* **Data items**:
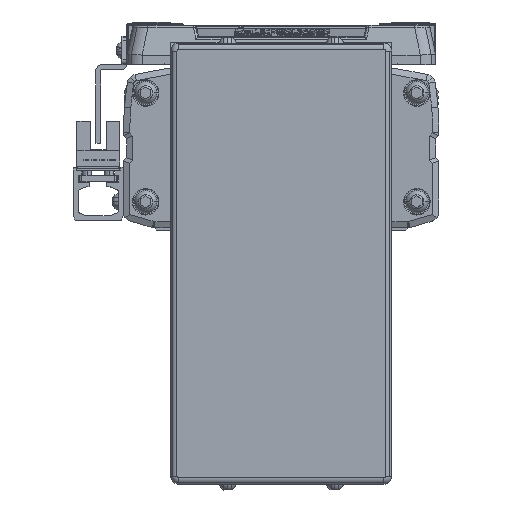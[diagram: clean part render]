
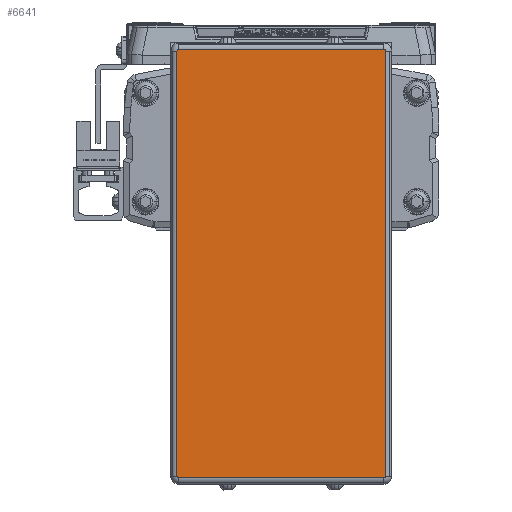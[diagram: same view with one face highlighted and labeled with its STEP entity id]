
A CAD part, left-side view. The second image highlights one B-rep face of the part: STEP entity #6641.
In plain terms, the highlighted planar face has unit normal (-1, 0, 0).
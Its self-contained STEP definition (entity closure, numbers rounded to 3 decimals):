
#6641=ADVANCED_FACE('',(#13873),#13874,.F.);
#13873=FACE_OUTER_BOUND('',#22391,.T.);
#13874=PLANE('',#22392);
#22391=EDGE_LOOP('',(#40962,#40963,#40964,#40965,#40966,#40967,#40968,#40969));
#22392=AXIS2_PLACEMENT_3D('',#40970,#40971,#40972);
#40962=ORIENTED_EDGE('',*,*,#52211,.T.);
#40963=ORIENTED_EDGE('',*,*,#54965,.T.);
#40964=ORIENTED_EDGE('',*,*,#51001,.T.);
#40965=ORIENTED_EDGE('',*,*,#53611,.T.);
#40966=ORIENTED_EDGE('',*,*,#54414,.T.);
#40967=ORIENTED_EDGE('',*,*,#51830,.T.);
#40968=ORIENTED_EDGE('',*,*,#54966,.T.);
#40969=ORIENTED_EDGE('',*,*,#54967,.T.);
#40970=CARTESIAN_POINT('',(-616.0,0.,-41.6));
#40971=DIRECTION('',(1.0,0.,0.));
#40972=DIRECTION('',(0.,0.,1.0));
#51001=EDGE_CURVE('',#62525,#62523,#62526,.T.);
#51830=EDGE_CURVE('',#63795,#63793,#63796,.T.);
#52211=EDGE_CURVE('',#64339,#64337,#64340,.T.);
#53611=EDGE_CURVE('',#62523,#66242,#66244,.T.);
#54414=EDGE_CURVE('',#66242,#63795,#67271,.T.);
#54965=EDGE_CURVE('',#64337,#62525,#67928,.T.);
#54966=EDGE_CURVE('',#63793,#67929,#67930,.T.);
#54967=EDGE_CURVE('',#67929,#64339,#67931,.T.);
#62523=VERTEX_POINT('',#77912);
#62525=VERTEX_POINT('',#77914);
#62526=LINE('',#77915,#77916);
#63793=VERTEX_POINT('',#79613);
#63795=VERTEX_POINT('',#79615);
#63796=CIRCLE('',#79616,0.5);
#64337=VERTEX_POINT('',#80351);
#64339=VERTEX_POINT('',#80353);
#64340=LINE('',#80354,#80355);
#66242=VERTEX_POINT('',#83039);
#66244=CIRCLE('',#83041,0.5);
#67271=LINE('',#84487,#84488);
#67928=CIRCLE('',#85424,0.5);
#67929=VERTEX_POINT('',#85425);
#67930=LINE('',#85426,#85427);
#67931=CIRCLE('',#85428,0.5);
#77912=CARTESIAN_POINT('',(-616.,32.55,26.3));
#77914=CARTESIAN_POINT('',(-616.,-32.55,26.3));
#77915=CARTESIAN_POINT('',(-616.,0.,26.3));
#77916=VECTOR('',#92206,10.0);
#79613=CARTESIAN_POINT('',(-616.0,32.55,-109.5));
#79615=CARTESIAN_POINT('',(-616.0,33.05,-109.));
#79616=AXIS2_PLACEMENT_3D('',#93388,#93389,#93390);
#80351=CARTESIAN_POINT('',(-616.,-33.05,25.8));
#80353=CARTESIAN_POINT('',(-616.0,-33.05,-109.));
#80354=CARTESIAN_POINT('',(-616.,-33.05,-41.6));
#80355=VECTOR('',#93864,10.0);
#83039=CARTESIAN_POINT('',(-616.,33.05,25.8));
#83041=AXIS2_PLACEMENT_3D('',#95567,#95568,#95569);
#84487=CARTESIAN_POINT('',(-616.0,33.05,-41.6));
#84488=VECTOR('',#96537,10.0);
#85424=AXIS2_PLACEMENT_3D('',#97096,#97097,#97098);
#85425=CARTESIAN_POINT('',(-616.0,-32.55,-109.5));
#85426=CARTESIAN_POINT('',(-616.0,0.,-109.5));
#85427=VECTOR('',#97099,10.0);
#85428=AXIS2_PLACEMENT_3D('',#97100,#97101,#97102);
#92206=DIRECTION('',(0.,1.0,0.));
#93388=CARTESIAN_POINT('',(-616.0,32.55,-109.));
#93389=DIRECTION('',(-1.0,0.,0.));
#93390=DIRECTION('',(0.,0.707,-0.707));
#93864=DIRECTION('',(0.,0.,1.0));
#95567=CARTESIAN_POINT('',(-616.,32.55,25.8));
#95568=DIRECTION('',(-1.0,0.,0.));
#95569=DIRECTION('',(0.,0.707,0.707));
#96537=DIRECTION('',(0.,0.,-1.0));
#97096=CARTESIAN_POINT('',(-616.,-32.55,25.8));
#97097=DIRECTION('',(-1.0,0.,0.));
#97098=DIRECTION('',(0.,-0.707,0.707));
#97099=DIRECTION('',(0.,-1.0,0.));
#97100=CARTESIAN_POINT('',(-616.0,-32.55,-109.));
#97101=DIRECTION('',(-1.0,0.,0.));
#97102=DIRECTION('',(0.,-0.707,-0.707));
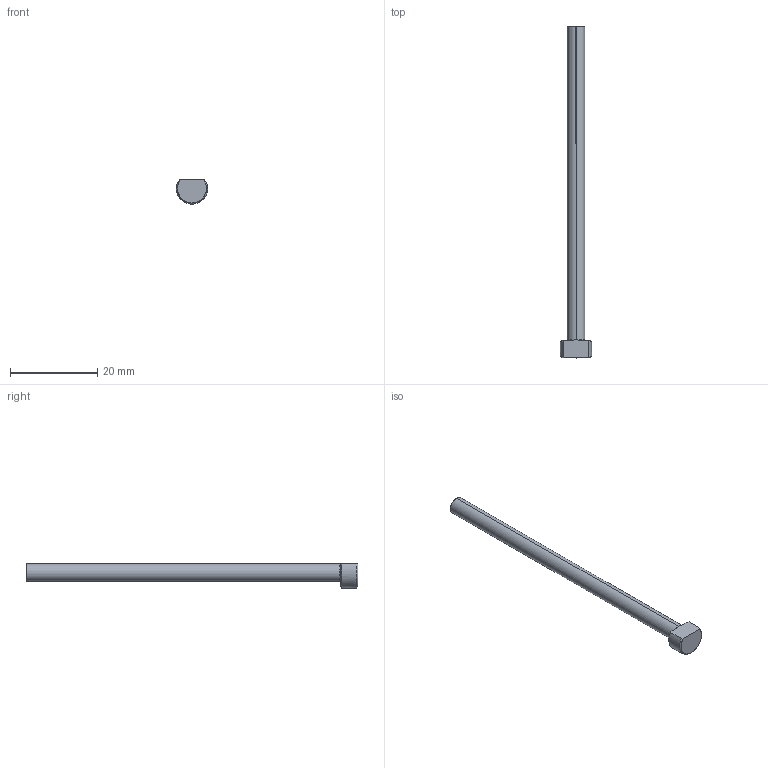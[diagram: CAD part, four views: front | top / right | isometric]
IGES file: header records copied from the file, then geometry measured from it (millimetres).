
Start section: SolidWorks IGES file using analytic representation for surfaces
Global section: file name: C:\Users\pcic_01KAK2013\OneDrive - Progressive Components\Desktop\Daily CAD\WEBSITE CAD\PRO SAVE EXPORT\M-2 Straight\EPM156L3-K.igs; native system: SolidWorks 2020; preprocessor: SolidWorks 2020; author: pcic_01KAK2013; date: 240228.151524; units: inch
Bounding box: 7.12 x 76.2 x 5.55 mm (x, y, z)
Surface area: 1045.7 mm2 (no closed solid volume)
Topology: 0 solids, 0 shells, 12 faces, 155 edges, 155 vertices
Faces by surface type: revolution 6, bspline 6
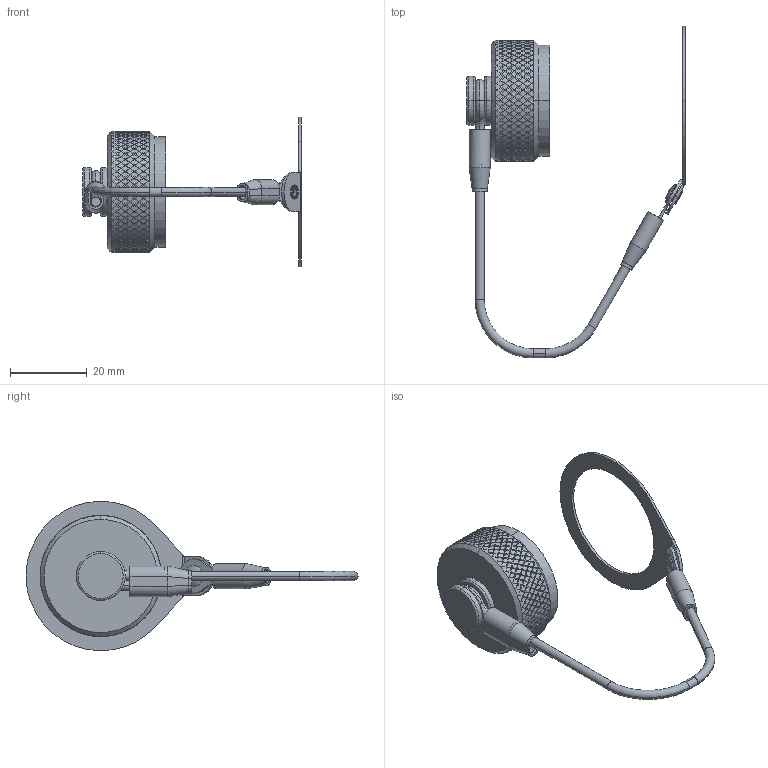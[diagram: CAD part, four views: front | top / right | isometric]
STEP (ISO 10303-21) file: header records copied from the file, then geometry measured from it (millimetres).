
FILE_DESCRIPTION (( 'STEP AP214' ), '1' );
FILE_NAME ('Q38DC-RJX-15-R0.STEP', '2026-04-22T20:26:16', ( '' ), ( '' ), 'SwSTEP 2.0', 'SolidWorks 2024', '' );
FILE_SCHEMA (( 'AUTOMOTIVE_DESIGN' ));
Length unit declared in the file: inch
Products named in the file (11): LN-06-07-13_Q38DC-RJX-15; HEAT SHRINK_HS-125-625S; SW-XRXX_SW-BR15; SW-348; SW-349_SW-349; HEAT SHRINK_HS-250X625_SW-348; SW-347; Q38DC-RJX-15-R0; Q38-XX29-P_15R; Lanyard Assembly Q38_Q38DC-RJX-15; Q38-XX48-X_Q38-1548-X
Assembly tree (10 placements, depth 3):
  Q38DC-RJX-15-R0
    Q38-XX48-X_Q38-1548-X
    Lanyard Assembly Q38_Q38DC-RJX-15
      LN-06-07-13_Q38DC-RJX-15
      SW-348
      HEAT SHRINK_HS-250X625_SW-348
      SW-347
      HEAT SHRINK_HS-125-625S
      SW-349_SW-349
      SW-XRXX_SW-BR15
    Q38-XX29-P_15R
Bounding box: 56.9 x 86.42 x 38.9 mm (x, y, z)
Volume: 7639.5 mm3; surface area: 9641.2 mm2
Topology: 9 solids, 9 shells, 2474 faces, 6101 edges, 4040 vertices
Faces by surface type: plane 1875, cylinder 549, torus 26, bspline 16, cone 6, sphere 2
Entity records: 73657 total; most frequent: CARTESIAN_POINT 25414, ORIENTED_EDGE 12202, DIRECTION 7578, EDGE_CURVE 6101, VERTEX_POINT 4040, EDGE_LOOP 2883, AXIS2_PLACEMENT_3D 2796, ADVANCED_FACE 2474

* **THE TASK**: Return each line above where the word "type" shows up.

* **RESULT BELOW**:
Faces by surface type: revolution 6, bspline 6
Faces by surface type: plane 1875, cylinder 549, torus 26, bspline 16, cone 6, sphere 2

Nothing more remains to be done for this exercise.